As bad as the last four (Trump) years have been, 2020 has clearly been the worst, and for me, personally, probably the worst year since the end of World War II, when I was very young. Before the Quebec pandemic “lock down” in mid-March, I was able to go to the Cinema on about 40 occasions, and then I made another eight visits during the brief summer “opening” before the second “lock-down” which never was – with most businesses (not cinemas or restaurants) and schools open. So, only seven of my 20 films for 2020 were seen in the cinema, and the rest on discs, cable television (TCM), or streamed, mostly through festivals.
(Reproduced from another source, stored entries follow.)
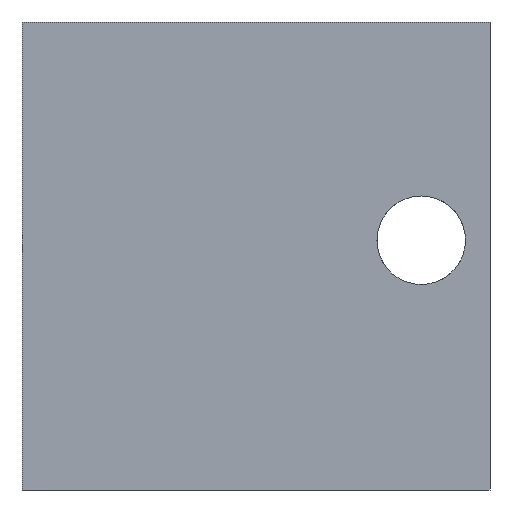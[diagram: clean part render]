
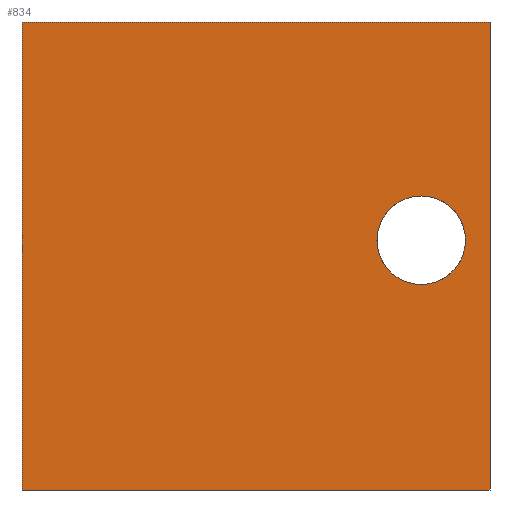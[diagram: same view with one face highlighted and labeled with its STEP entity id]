
A CAD part, left-side view. The second image highlights one B-rep face of the part: STEP entity #834.
In plain terms, the highlighted planar face has unit normal (-1, 0, 0).
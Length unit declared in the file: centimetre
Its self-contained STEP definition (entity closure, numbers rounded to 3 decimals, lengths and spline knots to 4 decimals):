
#18 = ORIENTED_EDGE ( 'NONE', *, *, #1486, .T. ) ;
#77 = CIRCLE ( 'NONE', #1410, 94.5798 ) ;
#129 = CARTESIAN_POINT ( 'NONE',  ( 0., 1000., 0. ) ) ;
#153 = CARTESIAN_POINT ( 'NONE',  ( 0., 1000., 1000. ) ) ;
#160 = FACE_OUTER_BOUND ( 'NONE', #1267, .T. ) ;
#169 = CARTESIAN_POINT ( 'NONE',  ( 0., 1000., 1000. ) ) ;
#205 = ORIENTED_EDGE ( 'NONE', *, *, #285, .F. ) ;
#285 = EDGE_CURVE ( 'NONE', #1182, #423, #1030, .T. ) ;
#340 = CARTESIAN_POINT ( 'NONE',  ( 0., 1000., 1000. ) ) ;
#344 = VERTEX_POINT ( 'NONE', #545 ) ;
#377 = VECTOR ( 'NONE', #1342, 100. ) ;
#423 = VERTEX_POINT ( 'NONE', #1390 ) ;
#439 = DIRECTION ( 'NONE',  ( 0., -1., 0. ) ) ;
#448 = VECTOR ( 'NONE', #908, 100. ) ;
#456 = EDGE_CURVE ( 'NONE', #1097, #1370, #77, .T. ) ;
#470 = CARTESIAN_POINT ( 'NONE',  ( 0., 1000., 1000. ) ) ;
#487 = FACE_BOUND ( 'NONE', #1024, .T. ) ;
#527 = VECTOR ( 'NONE', #626, 100. ) ;
#534 = CARTESIAN_POINT ( 'NONE',  ( 0., 0., 1000. ) ) ;
#545 = CARTESIAN_POINT ( 'NONE',  ( 0., 1000., 0. ) ) ;
#548 = EDGE_CURVE ( 'NONE', #1370, #1097, #602, .T. ) ;
#590 = CARTESIAN_POINT ( 'NONE',  ( 0., 146.9498, 628.2415 ) ) ;
#596 = ORIENTED_EDGE ( 'NONE', *, *, #738, .T. ) ;
#602 = CIRCLE ( 'NONE', #1461, 94.5798 ) ;
#606 = EDGE_CURVE ( 'NONE', #423, #1321, #1459, .T. ) ;
#617 = PLANE ( 'NONE',  #1406 ) ;
#626 = DIRECTION ( 'NONE',  ( 0., 0., -1. ) ) ;
#656 = DIRECTION ( 'NONE',  ( 1., 0., 0. ) ) ;
#738 = EDGE_CURVE ( 'NONE', #344, #1321, #794, .T. ) ;
#775 = CARTESIAN_POINT ( 'NONE',  ( 0., 146.9498, 533.6617 ) ) ;
#794 = LINE ( 'NONE', #129, #448 ) ;
#834 = ADVANCED_FACE ( 'NONE', ( #487, #160 ), #617, .F. ) ;
#869 = VECTOR ( 'NONE', #439, 100. ) ;
#908 = DIRECTION ( 'NONE',  ( 0., -1., 0. ) ) ;
#935 = DIRECTION ( 'NONE',  ( 1., 0., 0. ) ) ;
#970 = ORIENTED_EDGE ( 'NONE', *, *, #606, .F. ) ;
#975 = CARTESIAN_POINT ( 'NONE',  ( 0., 0., 0. ) ) ;
#986 = DIRECTION ( 'NONE',  ( 1., 0., 0. ) ) ;
#999 = DIRECTION ( 'NONE',  ( 0., 0., -1. ) ) ;
#1018 = CARTESIAN_POINT ( 'NONE',  ( 0., 146.9498, 439.0819 ) ) ;
#1024 = EDGE_LOOP ( 'NONE', ( #1396, #1204 ) ) ;
#1030 = LINE ( 'NONE', #340, #869 ) ;
#1090 = DIRECTION ( 'NONE',  ( 0., 0., -1. ) ) ;
#1097 = VERTEX_POINT ( 'NONE', #1018 ) ;
#1125 = DIRECTION ( 'NONE',  ( 0., 0., -1. ) ) ;
#1182 = VERTEX_POINT ( 'NONE', #153 ) ;
#1204 = ORIENTED_EDGE ( 'NONE', *, *, #548, .T. ) ;
#1214 = LINE ( 'NONE', #169, #527 ) ;
#1267 = EDGE_LOOP ( 'NONE', ( #596, #970, #205, #18 ) ) ;
#1321 = VERTEX_POINT ( 'NONE', #975 ) ;
#1342 = DIRECTION ( 'NONE',  ( 0., 0., -1. ) ) ;
#1370 = VERTEX_POINT ( 'NONE', #590 ) ;
#1390 = CARTESIAN_POINT ( 'NONE',  ( 0., 0., 1000. ) ) ;
#1396 = ORIENTED_EDGE ( 'NONE', *, *, #456, .T. ) ;
#1406 = AXIS2_PLACEMENT_3D ( 'NONE', #470, #935, #1090 ) ;
#1410 = AXIS2_PLACEMENT_3D ( 'NONE', #1463, #986, #999 ) ;
#1459 = LINE ( 'NONE', #534, #377 ) ;
#1461 = AXIS2_PLACEMENT_3D ( 'NONE', #775, #656, #1125 ) ;
#1463 = CARTESIAN_POINT ( 'NONE',  ( 0., 146.9498, 533.6617 ) ) ;
#1486 = EDGE_CURVE ( 'NONE', #1182, #344, #1214, .T. ) ;

I should mention that the smartest online festival was the compact – one programme a day except Sunday and the two Saturdays – Giornate del Cinema Muto, with really nice introductions by Jay Weissberg and terrific after screening discussions, book launches and music master classes.

My top 20 films seen for the first time in 2020, up until December 10 (in the order in which I saw them):

Christmas on Earth (Barbara Rubin, 1963): attempted reconstruction of the original screening as part of the Barbara Rubin and the Exploding New York Underground (Chuck Smith, 2018) show at the Cinéma Moderne; January
Synonymes (Nadav Lapid, 2019); Cinéma du Parc, January
El vampire negro (The Black Vampire, Román Viñoly Barreto, 1953); Noir City festival, San Francisco, January
First Cow, (Kelly Reichardt, 2019); Cinéma Moderne, March
The Grand Bizarre (Jodie Mack, 2018); MUBI, streamed, April
Bacurau (Kleber Mendonça Filho & Juliano Dornelles, 2019), rental, streamed, April
Çiroka Bajarên Wêranbûyî: Singal (Stories of Destroyed Cities: Shengal, Sêro Hindê, 2020); YouTube, streamed, June
It Must Be Heaven (Elia Suleiman, 2019); Cinéma Moderne, July
Canción sin nombre (Song Without a Name, Melina Léon, 2019); Cinéma Moderne, July
Nadia, Butterfly (Pascal Plante, 2020); Cineplex Forum, July
“Voglia di viaggiare/The Urge to Travel,” a programme of nine short films (1911-1939); Giornate del Cinema Muto, streamed on YouTube, October: the perfect start to an online, “distanced” film festival
Ta fang jian li de yun (The Cloud in Her Room, Zheng Lu Xinyuan, 2020); Festival du Nouveau Cinéma, streamed, October
Chansil-ineun bogdo manhji (Lucky Chan-sil, Kim Cho-hee, 2019); Korean Film Festival (Canada and Republic of Korea), streamed, November
City Hall (Frederic Wiseman, 2020); Rencontres Internationales du Documentaire de Montréal (RIDM), streamed, November
Krabi 2562 (Anocha Suwichakornpong & Ben Rivers, 2019); Blu-ray disc, November
Nomadland (Chloé Zhao, 2020); streamed official Fox Searchlight screener, November
Trotocalles (Streetwalker, Matilde Landeta, 1951); YouTube (no subtitles), December
Three shorts, Making and American Citizen (Alice Guy Blaché, 1912), A Man’s a Man (Guy Blaché, 1912),
The Thief (Guy Blaché, 1913); Blu-ray, December
Small Axe I: Mangrove (Steve McQueen, 2020); Prime, streamed, December
O Ébrio (The Drunkard, Gilda de Abreu, 1946); TCM, December: the highlight of the “Women Make Film” series – a film I have wanted to see since I studied Brazilian film under Robert Stam in 1977.